• WHAT THE TASK ASKS:
For each line below that includes the word "Keynote", make a copy.

• DATASET RECORDS:

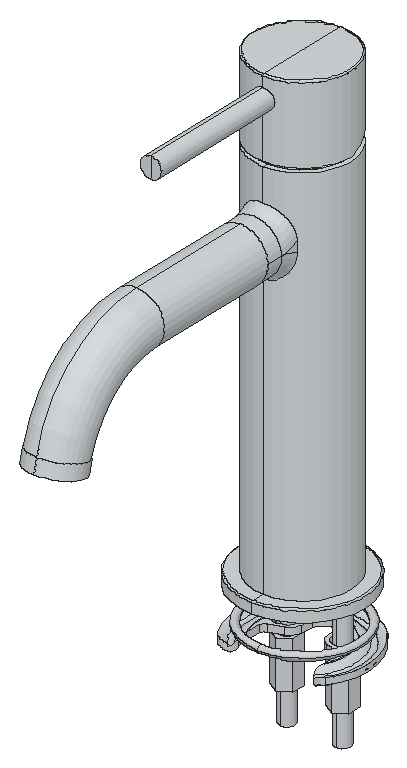
Revit family "Reece_Tap_Mizu_Drift_Basin Mixer_Curved", category Plumbing Fixtures, host Face, Revit 2018
Family settings
  Host = Face
  Round Connector Dimension = Use Diameter
  Part Type = Normal
  Cut with Voids When Loaded = No
  Shared = Yes
  Room Calculation Point = Yes
Parameters (values of type "120 mm_Brushed Nickel")
  WFU = 0  # constant formula
  URL = "https://www.reece.com.au/product/-2267240"
  Type Comments = "Tap"
  Reece_Tap_Reach = 120 mm  # constant formula
  Reece_Tap_Inlet = 12 mm  # constant formula
  Reece_Tap_Clearance = 92 mm  # constant formula
  Reece_Product_Web Page = "https://www.reece.com.au/product/-2267240"
  Reece_Product_Type = "Tap"  # constant formula
  Reece_Product_Sub Brand = "Drift"  # constant formula
  Reece_Product_Number = "2267240"
  Reece_Product_Mount = "Hob Mounted"  # constant formula
  Reece_Product_Description = "Mizu Drift Basin Mixer Curved Spout Brushed Nickel (6 Star) Lead Free"
  Reece_Product_Brand = "Mizu"  # constant formula
  Reece_Overall_Length = 155 mm  # constant formula
  Reece_Overall_Height = 185 mm  # constant formula
  Reece_Nozzle_Pipe Radius = 10.5 mm  # constant formula
  Reece_Material_Main = Reece_Brass_Brushed Nickel
  Reece_Detail_Installation = ""
  Reece_Detail_Disclaimer = "THIS FILE IS THE PROPERTY OF THE REECE GROUP. IT MAY NOT BE REPRODUCED, REVERSE-ENGINEERED, OR MODIFIED. ANY REPUBLICATION, TRANSMISSION, OR DISTRIBUTION FOR THE PURPOSE OF COMMERCIALLY EXPLOITING THE FILES IS PROHIBITED."  # constant formula
  Reece_Detail_Connector = ""
  Reece_Detail_Additional = ""
  Model = "Drift"
  Manufacturer = "Mizu"
  Keynote = "Product #2267240, Reece_Tap_Mizu_Drift_Basin Mixer_Curved - 120 mm_Brushed Nickel"
  HWFU = 0  # constant formula
  Disclaimer = "THIS FILE IS THE PROPERTY OF THE REECE GROUP. IT MAY NOT BE REPRODUCED, REVERSE-ENGINEERED, OR MODIFIED. ANY REPUBLICATION, TRANSMISSION, OR DISTRIBUTION FOR THE PURPOSE OF COMMERCIALLY EXPLOITING THE FILES IS PROHIBITED."  # constant formula
  Description = "Mizu Drift Basin Mixer Curved Spout Brushed Nickel (6 Star) Lead Free"
  Default Elevation = 1000 mm
  CWFU = 0  # constant formula
Types (6, lengths in mm): name | URL | Reece_Product_Web Page | Reece_Product_Number | Reece_Product_Description | Reece_Material_Main | Keynote | Description
  120 mm_Brushed Nickel | "https://www.reece.com.au/product/-2267240" | "https://www.reece.com.au/product/-2267240" | "2267240" | "Mizu Drift Basin Mixer Curved Spout Brushed Nickel (6 Star) Lead Free" | Reece_Brass_Brushed Nickel | "Product #2267240, Reece_Tap_Mizu_Drift_Basin Mixer_Curved - 120 mm_Brushed Nickel" | "Mizu Drift Basin Mixer Curved Spout Brushed Nickel (6 Star) Lead Free"
  120 mm_Chrome | "https://www.reece.com.au/product/-2267198" | "https://www.reece.com.au/product/-2267198" | "2267198" | "Mizu Drift Basin Mixer Curved Spout Chrome (6 Star) Lead Free" | Reece_Brass_Chrome | "Product #2267198, Reece_Tap_Mizu_Drift_Basin Mixer_Curved - 120 mm_Chrome" | "Mizu Drift Basin Mixer Curved Spout Chrome (6 Star) Lead Free"
  120 mm_Matte Black | "https://www.reece.com.au/product/-2267220" | "https://www.reece.com.au/product/-2267220" | "2267220" | "Mizu Drift Basin Mixer Curved Spout Matte Black (6 Star) Lead Free" | Reece_Brass_Matte Black | "Product #2267220, Reece_Tap_Mizu_Drift_Basin Mixer_Curved - 120 mm_Matte Black" | "Mizu Drift Basin Mixer Curved Spout Matte Black (6 Star) Lead Free"
  120 mm_Brushed Gunmetal | "https://www.reece.com.au/product/-2267260" | "https://www.reece.com.au/product/-2267260" | "2267260" | "Mizu Drift Basin Mixer Curved Spout Brushed Gunmetal (6 Star) Lead Free" | Reece_Brass_Brushed Gunmetal | "Product #2267260, Reece_Tap_Mizu_Drift_Basin Mixer_Curved - 120 mm_Brushed Gunmetal" | "Mizu Drift Basin Mixer Curved Spout Brushed Gunmetal (6 Star) Lead Free"
  120 mm_Brushed Brass | "https://www.reece.com.au/product/-2267280" | "https://www.reece.com.au/product/-2267280" | "2267280" | "Mizu Drift Basin Mixer Curved Spout Brushed Brass (6 Star) Lead Free" | Reece_Brass_Brushed | "Product #2267280, Reece_Tap_Mizu_Drift_Basin Mixer_Curved - 120 mm_Brushed Brass" | "Mizu Drift Basin Mixer Curved Spout Brushed Brass (6 Star) Lead Free"
  120 mm_Brushed Bronze | "https://www.reece.com.au/product/-2269191" | "https://www.reece.com.au/product/-2269191" | "2269191" | "Mizu Drift Basin Mixer Curved Spout Brushed Bronze (6 Star) Lead Free" | Reece_Brass_Brushed Bronze | "Product #2269191, Reece_Tap_Mizu_Drift_Basin Mixer_Curved - 120 mm_Brushed Bronze" | "Mizu Drift Basin Mixer Curved Spout Brushed Bronze (6 Star) Lead Free"
Reference planes
  plane 1 "Center (Front/Back)": y = 0
  plane 2: z = 0
  plane 3 "Center (Left/Right)": x = 0
  plane 4: y = -19
  plane 5: y = -120
  plane 6 "Top": z = 185
  plane 7: y = -73.243
  plane 8: y = -18.443
  plane 9: z = 92
  plane 10: through (0, -120, 92) normal (0, 0.9659, -0.2588)
  plane 11: z = 127
  plane 12: y = 24.5
  plane 13: y = -130.5
Forms (mm)
  Revolve 1, solid, material "Reece_Brass_Brushed Nickel" <- "Reece_Material_Main"
    sketch origin (0, 0, 0) x (0, 1, 0) y (0, 0, 1)
      loop
        line (-19, 152.8) -> (-19, 4.5) -> (-17.5, 4.5) -> (-17.5, 7) -> (0, 7) -> (0, 157.8) -> (-13.55, 157.8) -> (-13.55, 161.484)
        arc (-13.55, 161.484) -> (-15.733, 157.339) -> (-16.892, 152.8) r 20
        line (-16.892, 152.8) -> (-19, 152.8)
      axis (0, 161.484) -> (0, 4.5)
    angle from 0 to 360
  Revolve 2, solid, material "Reece_Brass_Brushed Nickel" <- "Reece_Material_Main"
    sketch origin (0, 0, 0) x (0, 1, 0) y (0, 0, 1)
      loop
        line (-17.5, 4.5) -> (-24, 4.5)
        arc (-24, 4.5) -> (-24.354, 4.354) -> (-24.5, 4) r 0.5
        line (-24.5, 4) -> (-24.5, 0) -> (-22, 0) -> (-22, -1) -> (-18, -1) -> (-18, 2) -> (-16.5, 2) -> (-16.5, 5.5) -> (-17.5, 5.5) -> (-17.5, 4.5)
      axis (0, 5.5) -> (0, -1)
    angle from 0 to 360
  Revolve 3, solid, material "Reece_Brass_Brushed Nickel" <- "Reece_Material_Main"
    sketch origin (0, 0, 1) x (0, 1, 0) y (0, 0, 1)
      loop
        line (-19, 153.55) -> (-17.852, 153.55) -> (-17.5, 158.59) -> (-17.5, 162.3) -> (0, 162.3) -> (0, 184)
        arc (0, 184) -> (-9.246, 183.907) -> (-18.489, 183.63) r 465.11
        arc (-18.489, 183.63) -> (-18.852, 183.467) -> (-19, 183.099) r 0.532
        line (-19, 183.099) -> (-19, 153.55)
      axis (0, 184) -> (0, 153.55)
    angle from 0 to 360
  Extrusion 4, void
    sketch origin (0, 21.394, 163.687) x (0, 0.91357, 0.406681) y (1, 0, 0)
      loop
        line (14.799, 24.5) -> (-35.201, 24.5) -> (-35.201, -24.5) -> (14.799, -24.5) -> (14.799, 24.5)
    from 0 to 19
  Revolve 5, void
    sketch origin (0, 0, -1.813) x (0, 1, 0) y (0, 0, 1)
      loop
        line (17.434, 173.743) -> (17.434, 169.75) -> (20.568, 169.75) -> (20.568, 173.743) -> (17.434, 173.743)
      axis (20.568, 169.75) -> (17.434, 169.75)
    angle from 0 to 360
  Revolve 6, solid, material "Reece_Brass_Brushed Nickel" <- "Reece_Material_Main"
    sketch origin (0, 0, -1.813) x (0, 1, 0) y (0, 0, 1)
      loop
        arc (19.852, 169.75) -> (19.653, 171.536) -> (19.065, 173.234) r 8.104
        arc (19.065, 173.234) -> (18.801, 173.532) -> (18.419, 173.642) r 0.716
        line (18.419, 173.642) -> (17.555, 173.642) -> (17.555, 169.75) -> (19.852, 169.75)
      axis (17.555, 169.75) -> (19.852, 169.75)
    angle from 0 to 360
  Revolve 7, solid
    sketch origin (0, 0, 0) x (0, 1, 0) y (0, 0, 1)
      loop
        circle (22.2, -14) r 1.3
      axis (1, -14) -> (1, -13)
    angle from 0 to 360
  Extrusion 8, void
    sketch origin (0, 2, 7) x (1, 0, 0) y (0, 1, 0)
      loop
        circle (-7, -9.5) r 6.7
      loop
        circle (-10.749, 4.019) r 3.519
      loop
        circle (10.75, 4) r 3.5
      loop
        circle (7, -9.5) r 6.7
    from 0 to 4
  Extrusion 9, solid
    sketch origin (0, 2, 7) x (0, 1, 0) y (1, 0, 0)
      loop
        circle (4, 10.75) r 3
      loop
        circle (4, -10.75) r 3
    from 0 to 61.5
  Revolve 10, solid
    sketch origin (0, 0, 0) x (0, 1, 0) y (0, 0, 1)
      loop
        arc (18.75, -21.5) -> (21.75, -23) -> (24.75, -21.5) r 3.75
        line (24.75, -21.5) -> (25.75, -21.5) -> (25.75, -19)
        arc (25.75, -19) -> (24.212, -19.499) -> (22.941, -20.498) r 4.61
        arc (22.941, -20.498) -> (21.841, -21) -> (20.728, -20.527) r 1.5
        arc (20.728, -20.527) -> (19.122, -19.398) -> (17.2, -19) r 4.84
        line (17.2, -19) -> (17.2, -21.5) -> (18.75, -21.5)
      axis (0, -19) -> (0, -21.5)
    angle from 0 to 360
  Extrusion 11, solid
    sketch origin (0, 0, -23) x (1, 0, 0) y (0, 1, 0)
      loop
        arc (-9.053, 2.711) -> (-6.961, 7.197) -> (-11.447, 9.289) r 3.5
        line (-11.447, 9.289) -> (-13.326, 8.605)
        arc (-13.326, 8.605) -> (-15.418, 4.119) -> (-10.932, 2.027) r 3.5
        line (-10.932, 2.027) -> (-9.053, 2.711)
      loop
        arc (-5.01, 5.791) -> (-6.06, 3.288) -> (-8.263, 1.702) r 5
        line (-8.263, 1.702) -> (-13.684, -0.271)
        arc (-13.684, -0.271) -> (-14.638, -1.003) -> (-15, -2.15) r 2
        line (-15, -2.15) -> (-15, -8.417)
        arc (-15, -8.417) -> (0, 17.2) -> (15, -8.417) r 17.2
        line (15, -8.417) -> (15, -2.15)
        arc (15, -2.15) -> (14.638, -1.003) -> (13.684, -0.271) r 2
        line (13.684, -0.271) -> (8.263, 1.702)
        arc (8.263, 1.702) -> (6.06, 3.288) -> (5.01, 5.791) r 5
        line (5.01, 5.791) -> (4.466, 10.221)
        arc (4.466, 10.221) -> (0, 14.173) -> (-4.466, 10.221) r 4.5
        line (-4.466, 10.221) -> (-5.01, 5.791)
      loop
        arc (11.447, 9.289) -> (6.961, 7.197) -> (9.053, 2.711) r 3.5
        line (9.053, 2.711) -> (10.932, 2.027)
        arc (10.932, 2.027) -> (15.418, 4.119) -> (13.326, 8.605) r 3.5
        line (13.326, 8.605) -> (11.447, 9.289)
    from 1.5 to 4
  Extrusion 12, void
    sketch origin (0, 0, -23) x (1, 0, 0) y (0, 1, 0)
      loop
        line (27.556, -34.599) -> (27.556, -14.961) -> (20.958, -14.961)
        arc (20.958, -14.961) -> (17.049, -15.272) -> (15, -11.93) r 3.75
        line (15, -11.93) -> (15, -8.417) -> (-15, -8.417) -> (-15, -11.93)
        arc (-15, -11.93) -> (-17.049, -15.272) -> (-20.958, -14.961) r 3.75
        line (-20.958, -14.961) -> (-27.556, -14.961) -> (-27.556, -34.599) -> (27.556, -34.599)
    from 0 to 5
  Extrusion 13, solid
    sketch origin (0, 0, 0) x (1, 0, 0) y (0, 1, 0)
      loop
        circle (10.75, 6) r 3
      loop
        line (10.75, 11.196) -> (6.25, 8.598) -> (6.25, 3.402) -> (10.75, 0.804) -> (15.25, 3.402) -> (15.25, 8.598) -> (10.75, 11.196)
      loop
        circle (-10.75, 6) r 3
      loop
        line (-10.75, 11.196) -> (-15.25, 8.598) -> (-15.25, 3.402) -> (-10.75, 0.804) -> (-6.25, 3.402) -> (-6.25, 8.598) -> (-10.75, 11.196)
    from -41.5 to -23
  Extrusion 14, void
    sketch origin (0, 0, 0) x (1, 0, 0) y (0, 1, 0)
      loop
        circle (0, 0) r 22
    from 0 to -35
  Revolve 15, solid, material "Reece_Brass_Brushed Nickel" <- "Reece_Material_Main"
    sketch origin (0, -229.818, 400.763) x (0, -1, 0) y (0, 0, -1)
      loop
        line (-211.374, 228.583) -> (-211.374, 224.583) -> (-156.574, 224.583) -> (-156.574, 228.583) -> (-211.374, 228.583)
      axis (-211.374, 224.583) -> (-156.574, 224.583)
    angle from 0 to 360
  Sweep 16, solid, material "Reece_Brass_Brushed Nickel" <- "Reece_Material_Main"
    path origin (0, 0, 0) x (0, 1, 0) y (0, 0, 1)
      loop
        line (-29.929, 127) -> (-79.929, 127)
        arc (-79.929, 127) -> (-104.279, 118.734) -> (-118.566, 97.353) r 40
        line (-118.566, 97.353) -> (-120, 92)
    profile origin (0, -54.929, 127) x (0, 0, -1) y (1, 0, 0)
      loop
        circle (0, 0) r 10.5
  Sweep 17, solid, material "Reece_Brass_Brushed Nickel" <- "Reece_Material_Main"
    path origin (0, 0, 0) x (0, 1, 0) y (0, 0, 1)
      loop
        line (-29.929, 137.5) -> (-23.438, 137.5)
        arc (-23.438, 137.5) -> (-19.902, 138.964) -> (-18.438, 142.5) r 5
        line (-18.438, 142.5) -> (-18.438, 147.5)
    profile origin (0, -26.683, 137.5) x (0, 0, 1) y (1, 0, 0)
      loop
        arc (-10.5, -10.5) -> (0, 0) -> (-10.5, 10.5) r 10.5
        line (-10.5, 10.5) -> (-10.5, -10.5)
  Revolve 18, void
    sketch origin (0, 0, 0) x (0, 1, 0) y (0, 0, 1)
      loop
        line (-120.258, 91.037) -> (-109.445, 88.139) -> (-109.187, 89.103) -> (-110.567, 89.472) -> (-110.041, 91.436) -> (-111.007, 91.695) -> (-111.27, 90.713) -> (-119.737, 92.982) -> (-120.258, 91.037)
      axis (-120.258, 91.037) -> (-119.474, 93.964)
    angle from 0 to 360
  Sweep 19, solid, material "Reece_Brass_Brushed Nickel" <- "Reece_Material_Main"
    path origin (0, 0, 254) x (0, 1, 0) y (0, 0, -1)
      loop
        line (-29.929, 137.5) -> (-23.438, 137.5)
        arc (-23.438, 137.5) -> (-19.902, 138.964) -> (-18.438, 142.5) r 5
        line (-18.438, 142.5) -> (-18.438, 147.5)
    profile origin (0, -26.683, 116.5) x (0, 0, 1) y (1, 0, 0)
      loop
        line (10.5, -10.5) -> (10.5, 10.5)
        arc (10.5, 10.5) -> (0, 0) -> (10.5, -10.5) r 10.5
  Extrusion 20, solid, material "Reece_Brass_Brushed Nickel" <- "Reece_Material_Main"
    sketch origin (0, 0, 0) x (0, 1, 0) y (0, 0, 1)
      loop
        arc (-23.438, 127) -> (-12.477, 122.46) -> (-7.938, 111.5) r 15.5
        line (-7.938, 111.5) -> (-7.938, 142.5)
        arc (-7.938, 142.5) -> (-12.477, 131.54) -> (-23.438, 127) r 15.5
    from -10.5 to 10.5
Cuts and joins
  Extrusion 4, Revolve 5 cuts Revolve 3
  joined: Revolve 3, Revolve 15
  Extrusion 8 cuts Extrusion 9
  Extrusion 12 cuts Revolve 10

• THE ANSWER:
  Keynote = "Product #2267240, Reece_Tap_Mizu_Drift_Basin Mixer_Curved - 120 mm_Brushed Nickel"
Types (6, lengths in mm): name | URL | Reece_Product_Web Page | Reece_Product_Number | Reece_Product_Description | Reece_Material_Main | Keynote | Description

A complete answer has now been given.